Thank you for this excellent review of the suicide question. The literature is so sparse and so confusing, it is difficult to understand what it means. When there are methodological problems as well as errors in interpretation of results in the research, the conclusions that can be drawn are very limited.

There are several serious problems with the suicide research on trans-identified teens and adults. First, as was stated in this article, the research designs of the existing studies do not tell us anything about causes of suicide in these groups of people. As stated in the article, there are several studies that show elevated rates of suicide among people who went through medical transitions. We can conclude that medical transitioning did not prevent all suicides among the people studied. What we do not know is whether the suicide rate would have been lower, higher or the same if those people had not transitioned. We can't rule out from these studies the possibility that transitioning lowered the suicide rate.

The second major problem is that most of the reports on suicide rates among trans-identified adolescents and adults mixes up the following terminology: "suicidality," "self-harm," "suicide attempt," and "suicide." These are not the same things, and the rates of these behaviors are known to vary with sex, age, ethnicity, comorbid diagnoses, and other factors. We should be focusing on "completed suicides." "Suicide attempts" cover a wide range of behaviors. Most self-reported "suicide attempts" have low or zero probability of lethality, and were not even intended by the person to be lethal. It is generally the case that male people are more likely to commit suicide, female people are more likely to make non-lethal "suicide attempts."

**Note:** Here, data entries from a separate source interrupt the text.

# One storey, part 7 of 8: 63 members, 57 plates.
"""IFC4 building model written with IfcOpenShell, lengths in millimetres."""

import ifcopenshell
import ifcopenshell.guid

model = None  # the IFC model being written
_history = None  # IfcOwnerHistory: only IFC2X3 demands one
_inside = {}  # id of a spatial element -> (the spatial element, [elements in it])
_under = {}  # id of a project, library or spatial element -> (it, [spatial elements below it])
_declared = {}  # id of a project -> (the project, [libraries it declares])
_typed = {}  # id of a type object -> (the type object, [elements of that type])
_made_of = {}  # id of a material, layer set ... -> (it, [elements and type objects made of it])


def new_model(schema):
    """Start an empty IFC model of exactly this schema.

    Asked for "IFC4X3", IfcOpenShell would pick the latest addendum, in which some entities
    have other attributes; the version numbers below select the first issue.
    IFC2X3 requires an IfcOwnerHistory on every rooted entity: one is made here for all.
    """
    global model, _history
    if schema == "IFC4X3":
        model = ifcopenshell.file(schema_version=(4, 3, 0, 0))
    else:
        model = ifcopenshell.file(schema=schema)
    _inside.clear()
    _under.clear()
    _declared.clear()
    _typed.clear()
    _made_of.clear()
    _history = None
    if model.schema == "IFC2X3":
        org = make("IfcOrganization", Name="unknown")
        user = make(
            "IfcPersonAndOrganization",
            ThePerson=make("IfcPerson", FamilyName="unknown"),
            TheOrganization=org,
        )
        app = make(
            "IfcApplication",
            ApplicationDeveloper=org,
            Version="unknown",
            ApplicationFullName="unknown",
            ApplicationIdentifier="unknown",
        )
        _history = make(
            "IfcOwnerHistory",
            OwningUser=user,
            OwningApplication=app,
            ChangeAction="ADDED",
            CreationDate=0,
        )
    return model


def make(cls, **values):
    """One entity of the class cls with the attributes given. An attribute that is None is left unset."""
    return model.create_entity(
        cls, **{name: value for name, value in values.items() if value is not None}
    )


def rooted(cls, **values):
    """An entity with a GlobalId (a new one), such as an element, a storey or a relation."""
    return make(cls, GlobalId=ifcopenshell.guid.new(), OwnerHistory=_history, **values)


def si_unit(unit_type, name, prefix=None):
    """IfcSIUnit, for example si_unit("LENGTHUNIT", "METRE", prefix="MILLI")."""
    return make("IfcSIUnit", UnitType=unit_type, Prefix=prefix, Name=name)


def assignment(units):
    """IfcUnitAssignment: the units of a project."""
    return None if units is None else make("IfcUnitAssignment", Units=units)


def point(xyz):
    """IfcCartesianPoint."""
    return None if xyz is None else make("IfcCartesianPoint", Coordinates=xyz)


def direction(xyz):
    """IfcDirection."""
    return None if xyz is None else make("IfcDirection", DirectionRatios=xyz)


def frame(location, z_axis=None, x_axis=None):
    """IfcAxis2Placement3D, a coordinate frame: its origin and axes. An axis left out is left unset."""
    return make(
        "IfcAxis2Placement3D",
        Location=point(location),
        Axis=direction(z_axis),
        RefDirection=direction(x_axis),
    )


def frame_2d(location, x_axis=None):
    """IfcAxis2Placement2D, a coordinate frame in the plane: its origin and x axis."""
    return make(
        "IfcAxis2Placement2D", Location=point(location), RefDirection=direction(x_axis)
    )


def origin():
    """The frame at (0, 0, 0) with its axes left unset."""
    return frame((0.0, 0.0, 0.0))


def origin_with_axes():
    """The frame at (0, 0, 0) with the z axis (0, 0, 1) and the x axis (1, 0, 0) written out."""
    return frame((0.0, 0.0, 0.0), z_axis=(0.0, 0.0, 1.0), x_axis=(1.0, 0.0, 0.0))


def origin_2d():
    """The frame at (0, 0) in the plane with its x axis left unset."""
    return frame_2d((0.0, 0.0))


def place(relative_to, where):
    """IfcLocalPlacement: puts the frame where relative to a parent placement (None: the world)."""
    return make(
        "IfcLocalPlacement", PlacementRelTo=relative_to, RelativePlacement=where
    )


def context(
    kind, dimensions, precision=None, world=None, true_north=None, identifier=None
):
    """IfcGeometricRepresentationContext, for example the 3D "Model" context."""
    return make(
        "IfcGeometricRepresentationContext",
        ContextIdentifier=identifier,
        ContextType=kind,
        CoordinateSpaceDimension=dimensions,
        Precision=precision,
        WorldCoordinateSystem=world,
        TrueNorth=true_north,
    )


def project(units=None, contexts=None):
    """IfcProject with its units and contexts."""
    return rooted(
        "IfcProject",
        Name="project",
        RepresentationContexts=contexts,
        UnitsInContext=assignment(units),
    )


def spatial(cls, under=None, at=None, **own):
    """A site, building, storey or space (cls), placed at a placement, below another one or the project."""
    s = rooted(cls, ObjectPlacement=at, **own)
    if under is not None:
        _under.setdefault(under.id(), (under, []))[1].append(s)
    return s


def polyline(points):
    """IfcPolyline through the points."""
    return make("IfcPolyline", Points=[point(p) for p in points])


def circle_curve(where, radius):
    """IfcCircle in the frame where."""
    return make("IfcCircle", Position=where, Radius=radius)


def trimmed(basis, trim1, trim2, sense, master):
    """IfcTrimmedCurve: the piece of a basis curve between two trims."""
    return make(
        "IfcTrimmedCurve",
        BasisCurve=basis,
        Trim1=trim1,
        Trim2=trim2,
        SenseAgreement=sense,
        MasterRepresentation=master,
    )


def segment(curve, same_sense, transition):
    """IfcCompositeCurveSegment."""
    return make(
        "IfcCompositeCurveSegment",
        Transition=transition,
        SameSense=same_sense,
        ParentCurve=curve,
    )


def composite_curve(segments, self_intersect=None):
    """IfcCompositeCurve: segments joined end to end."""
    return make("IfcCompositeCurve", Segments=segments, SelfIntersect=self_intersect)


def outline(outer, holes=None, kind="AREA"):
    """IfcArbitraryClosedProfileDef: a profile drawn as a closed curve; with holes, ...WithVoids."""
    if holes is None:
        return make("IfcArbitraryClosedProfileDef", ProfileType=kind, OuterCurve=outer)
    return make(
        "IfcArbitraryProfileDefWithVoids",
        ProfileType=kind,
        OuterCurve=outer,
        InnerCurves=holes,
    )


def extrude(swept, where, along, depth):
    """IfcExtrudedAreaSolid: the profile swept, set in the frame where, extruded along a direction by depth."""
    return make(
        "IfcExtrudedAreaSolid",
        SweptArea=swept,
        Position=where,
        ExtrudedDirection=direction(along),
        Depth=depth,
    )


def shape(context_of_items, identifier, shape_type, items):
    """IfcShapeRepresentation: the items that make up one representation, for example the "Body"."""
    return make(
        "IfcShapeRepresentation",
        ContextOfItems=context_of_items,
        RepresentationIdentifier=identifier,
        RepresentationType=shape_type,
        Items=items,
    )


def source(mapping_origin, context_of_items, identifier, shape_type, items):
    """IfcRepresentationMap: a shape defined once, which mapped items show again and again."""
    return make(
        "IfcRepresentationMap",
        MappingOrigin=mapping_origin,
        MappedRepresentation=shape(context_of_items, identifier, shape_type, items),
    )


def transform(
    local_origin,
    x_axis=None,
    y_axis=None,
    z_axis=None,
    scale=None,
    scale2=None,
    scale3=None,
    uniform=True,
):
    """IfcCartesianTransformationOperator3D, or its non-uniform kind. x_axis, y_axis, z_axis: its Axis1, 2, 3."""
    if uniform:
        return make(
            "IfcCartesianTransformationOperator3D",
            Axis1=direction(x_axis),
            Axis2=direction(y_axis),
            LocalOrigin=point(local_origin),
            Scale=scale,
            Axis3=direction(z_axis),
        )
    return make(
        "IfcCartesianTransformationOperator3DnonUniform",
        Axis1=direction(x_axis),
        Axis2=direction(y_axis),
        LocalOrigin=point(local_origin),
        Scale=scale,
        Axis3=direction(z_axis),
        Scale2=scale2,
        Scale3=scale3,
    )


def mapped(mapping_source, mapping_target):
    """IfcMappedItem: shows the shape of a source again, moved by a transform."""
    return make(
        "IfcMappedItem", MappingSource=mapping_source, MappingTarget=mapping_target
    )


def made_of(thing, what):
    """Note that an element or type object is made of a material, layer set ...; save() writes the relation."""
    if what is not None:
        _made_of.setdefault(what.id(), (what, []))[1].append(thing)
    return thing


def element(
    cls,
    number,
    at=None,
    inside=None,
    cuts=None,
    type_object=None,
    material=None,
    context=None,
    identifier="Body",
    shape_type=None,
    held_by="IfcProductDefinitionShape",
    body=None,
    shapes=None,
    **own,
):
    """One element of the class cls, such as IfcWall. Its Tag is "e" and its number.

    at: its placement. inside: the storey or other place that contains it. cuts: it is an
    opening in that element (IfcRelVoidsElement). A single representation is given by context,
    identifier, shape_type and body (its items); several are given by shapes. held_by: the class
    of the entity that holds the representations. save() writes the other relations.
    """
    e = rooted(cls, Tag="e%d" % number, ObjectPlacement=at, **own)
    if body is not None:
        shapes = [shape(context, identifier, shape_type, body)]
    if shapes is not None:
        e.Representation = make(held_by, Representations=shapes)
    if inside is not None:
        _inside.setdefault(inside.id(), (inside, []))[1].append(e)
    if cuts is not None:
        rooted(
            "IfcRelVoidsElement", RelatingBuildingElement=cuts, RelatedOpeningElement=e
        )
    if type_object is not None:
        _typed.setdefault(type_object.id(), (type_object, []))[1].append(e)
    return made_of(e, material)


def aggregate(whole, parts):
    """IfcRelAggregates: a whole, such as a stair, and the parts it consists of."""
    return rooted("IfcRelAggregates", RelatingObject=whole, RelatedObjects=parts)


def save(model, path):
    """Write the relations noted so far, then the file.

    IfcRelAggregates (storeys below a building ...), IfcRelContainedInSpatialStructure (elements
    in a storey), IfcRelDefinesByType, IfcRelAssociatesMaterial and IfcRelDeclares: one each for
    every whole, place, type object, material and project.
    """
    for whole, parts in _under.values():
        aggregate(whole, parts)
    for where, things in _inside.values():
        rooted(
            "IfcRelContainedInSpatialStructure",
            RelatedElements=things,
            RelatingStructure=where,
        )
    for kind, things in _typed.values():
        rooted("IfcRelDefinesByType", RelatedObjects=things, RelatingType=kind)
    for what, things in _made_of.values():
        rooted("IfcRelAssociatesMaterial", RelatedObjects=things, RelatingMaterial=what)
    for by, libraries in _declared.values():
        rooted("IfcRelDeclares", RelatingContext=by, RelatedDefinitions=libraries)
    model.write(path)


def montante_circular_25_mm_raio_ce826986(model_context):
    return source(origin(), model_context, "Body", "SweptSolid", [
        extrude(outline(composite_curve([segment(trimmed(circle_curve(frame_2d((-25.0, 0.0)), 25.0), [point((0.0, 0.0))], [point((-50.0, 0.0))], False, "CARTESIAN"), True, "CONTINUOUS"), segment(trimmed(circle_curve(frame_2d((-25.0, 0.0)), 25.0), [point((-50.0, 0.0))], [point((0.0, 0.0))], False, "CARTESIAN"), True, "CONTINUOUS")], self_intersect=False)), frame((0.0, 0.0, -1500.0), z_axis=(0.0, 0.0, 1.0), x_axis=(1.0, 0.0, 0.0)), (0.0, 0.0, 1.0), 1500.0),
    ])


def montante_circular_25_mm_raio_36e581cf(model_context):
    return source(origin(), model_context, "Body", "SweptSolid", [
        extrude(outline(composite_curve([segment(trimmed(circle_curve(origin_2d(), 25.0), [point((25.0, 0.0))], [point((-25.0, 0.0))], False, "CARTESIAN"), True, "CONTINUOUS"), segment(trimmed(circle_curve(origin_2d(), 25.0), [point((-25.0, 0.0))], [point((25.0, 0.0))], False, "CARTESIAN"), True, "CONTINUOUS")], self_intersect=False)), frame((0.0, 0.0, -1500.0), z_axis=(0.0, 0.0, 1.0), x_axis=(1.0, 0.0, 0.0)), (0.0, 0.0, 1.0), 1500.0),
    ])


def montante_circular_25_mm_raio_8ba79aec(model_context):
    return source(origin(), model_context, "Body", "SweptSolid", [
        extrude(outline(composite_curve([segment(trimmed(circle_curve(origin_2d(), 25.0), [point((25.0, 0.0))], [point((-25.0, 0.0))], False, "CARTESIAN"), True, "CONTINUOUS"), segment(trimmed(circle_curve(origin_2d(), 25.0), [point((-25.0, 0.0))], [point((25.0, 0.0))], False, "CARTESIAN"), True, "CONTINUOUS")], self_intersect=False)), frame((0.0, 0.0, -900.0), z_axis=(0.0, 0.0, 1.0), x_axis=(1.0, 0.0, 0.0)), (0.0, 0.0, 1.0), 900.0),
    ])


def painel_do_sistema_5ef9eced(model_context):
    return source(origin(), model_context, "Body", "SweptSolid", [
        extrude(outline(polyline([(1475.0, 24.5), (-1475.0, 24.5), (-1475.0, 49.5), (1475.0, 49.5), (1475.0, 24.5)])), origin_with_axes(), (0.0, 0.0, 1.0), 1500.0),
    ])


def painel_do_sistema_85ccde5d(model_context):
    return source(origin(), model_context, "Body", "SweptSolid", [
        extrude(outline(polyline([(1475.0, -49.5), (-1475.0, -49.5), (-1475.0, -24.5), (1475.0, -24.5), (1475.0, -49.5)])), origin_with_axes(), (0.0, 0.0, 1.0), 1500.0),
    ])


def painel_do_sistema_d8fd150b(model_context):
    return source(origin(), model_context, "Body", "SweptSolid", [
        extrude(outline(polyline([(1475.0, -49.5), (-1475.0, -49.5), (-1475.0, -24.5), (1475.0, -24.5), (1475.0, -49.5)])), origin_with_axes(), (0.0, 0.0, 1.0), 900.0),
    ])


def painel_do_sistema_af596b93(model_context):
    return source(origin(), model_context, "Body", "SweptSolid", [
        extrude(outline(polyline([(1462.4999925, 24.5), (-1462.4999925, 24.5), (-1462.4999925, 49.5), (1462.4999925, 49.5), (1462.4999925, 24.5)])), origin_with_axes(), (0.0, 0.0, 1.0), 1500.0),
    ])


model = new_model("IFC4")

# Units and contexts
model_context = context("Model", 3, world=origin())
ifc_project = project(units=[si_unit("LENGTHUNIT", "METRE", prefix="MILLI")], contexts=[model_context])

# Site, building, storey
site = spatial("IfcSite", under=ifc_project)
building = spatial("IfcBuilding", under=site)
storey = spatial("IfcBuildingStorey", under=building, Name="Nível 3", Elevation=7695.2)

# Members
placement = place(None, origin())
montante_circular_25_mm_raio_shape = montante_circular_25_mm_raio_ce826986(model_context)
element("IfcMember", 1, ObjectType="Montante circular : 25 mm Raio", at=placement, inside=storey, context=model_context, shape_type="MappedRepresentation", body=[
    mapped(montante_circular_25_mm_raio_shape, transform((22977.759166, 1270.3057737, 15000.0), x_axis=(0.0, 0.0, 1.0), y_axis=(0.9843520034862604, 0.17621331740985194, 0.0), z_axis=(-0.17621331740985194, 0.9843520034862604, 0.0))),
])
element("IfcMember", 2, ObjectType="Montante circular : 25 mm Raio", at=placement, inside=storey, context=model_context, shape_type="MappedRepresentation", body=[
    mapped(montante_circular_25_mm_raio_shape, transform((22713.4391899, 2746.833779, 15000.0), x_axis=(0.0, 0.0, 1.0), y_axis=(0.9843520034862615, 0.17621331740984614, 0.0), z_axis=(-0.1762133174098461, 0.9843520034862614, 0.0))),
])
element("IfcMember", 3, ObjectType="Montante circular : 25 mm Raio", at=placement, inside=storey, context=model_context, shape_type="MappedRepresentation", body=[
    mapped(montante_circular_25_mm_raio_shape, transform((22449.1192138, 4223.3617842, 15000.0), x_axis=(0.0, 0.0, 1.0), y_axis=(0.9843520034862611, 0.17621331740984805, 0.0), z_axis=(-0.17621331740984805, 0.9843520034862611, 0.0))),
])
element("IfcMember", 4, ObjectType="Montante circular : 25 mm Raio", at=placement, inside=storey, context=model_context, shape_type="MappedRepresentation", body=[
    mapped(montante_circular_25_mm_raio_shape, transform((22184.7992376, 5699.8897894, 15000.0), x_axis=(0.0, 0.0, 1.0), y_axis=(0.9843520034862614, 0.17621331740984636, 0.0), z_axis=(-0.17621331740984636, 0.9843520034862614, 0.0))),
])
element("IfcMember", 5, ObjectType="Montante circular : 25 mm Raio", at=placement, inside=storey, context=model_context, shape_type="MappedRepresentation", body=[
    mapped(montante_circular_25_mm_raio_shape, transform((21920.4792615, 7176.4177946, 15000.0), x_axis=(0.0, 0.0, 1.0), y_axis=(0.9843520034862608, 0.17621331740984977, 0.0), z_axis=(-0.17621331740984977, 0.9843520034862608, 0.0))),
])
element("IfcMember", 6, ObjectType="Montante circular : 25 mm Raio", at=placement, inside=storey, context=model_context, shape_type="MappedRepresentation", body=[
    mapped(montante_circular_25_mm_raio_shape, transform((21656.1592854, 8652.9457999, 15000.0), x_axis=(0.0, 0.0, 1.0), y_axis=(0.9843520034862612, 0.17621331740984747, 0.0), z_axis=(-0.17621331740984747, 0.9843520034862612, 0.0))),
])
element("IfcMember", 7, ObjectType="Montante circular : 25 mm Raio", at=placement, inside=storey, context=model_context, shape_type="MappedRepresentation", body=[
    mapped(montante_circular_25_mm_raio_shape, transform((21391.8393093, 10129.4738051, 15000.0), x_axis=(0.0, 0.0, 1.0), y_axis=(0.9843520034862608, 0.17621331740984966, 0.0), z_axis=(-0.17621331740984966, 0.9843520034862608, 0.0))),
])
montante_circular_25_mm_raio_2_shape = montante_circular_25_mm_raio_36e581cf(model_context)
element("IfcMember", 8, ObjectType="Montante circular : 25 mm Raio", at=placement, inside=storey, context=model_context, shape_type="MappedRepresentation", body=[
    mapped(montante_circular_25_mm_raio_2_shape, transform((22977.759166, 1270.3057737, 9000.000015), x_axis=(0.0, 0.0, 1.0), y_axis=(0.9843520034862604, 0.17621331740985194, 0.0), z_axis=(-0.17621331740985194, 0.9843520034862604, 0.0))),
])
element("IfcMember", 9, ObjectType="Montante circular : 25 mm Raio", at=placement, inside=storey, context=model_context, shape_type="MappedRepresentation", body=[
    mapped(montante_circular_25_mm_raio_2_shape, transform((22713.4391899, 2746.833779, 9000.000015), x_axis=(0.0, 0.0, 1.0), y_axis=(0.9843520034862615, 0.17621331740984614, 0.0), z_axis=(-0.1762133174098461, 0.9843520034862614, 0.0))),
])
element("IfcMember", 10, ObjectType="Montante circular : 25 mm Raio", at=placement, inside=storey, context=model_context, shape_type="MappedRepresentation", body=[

"Non-suicidal self-harm" includes behaviors like cutting oneself or burning oneself, causing wounds that may or may not require treatment at an ER. These behaviors are common in emotionally disturbed adolescents and are also known to be affected by social contagion in that population.

The elevation of completed suicides among trans identified adolescents appears to be about five or six times higher than it is for kids of similar ages in the general population. As the article states, this elevation can probably be accounted for by the comorbid diagnoses so many of these adolescents have: depression, personality disorders, autism, and so on. We can't say for sure because we don't have research that can be used to draw conclusions about causation. There is no evidence at all presented in any study I have seen that adolescents who claim a trans identity commit suicide because of "minority stress," as is always claimed by researchers biased towards "gender affirmative care."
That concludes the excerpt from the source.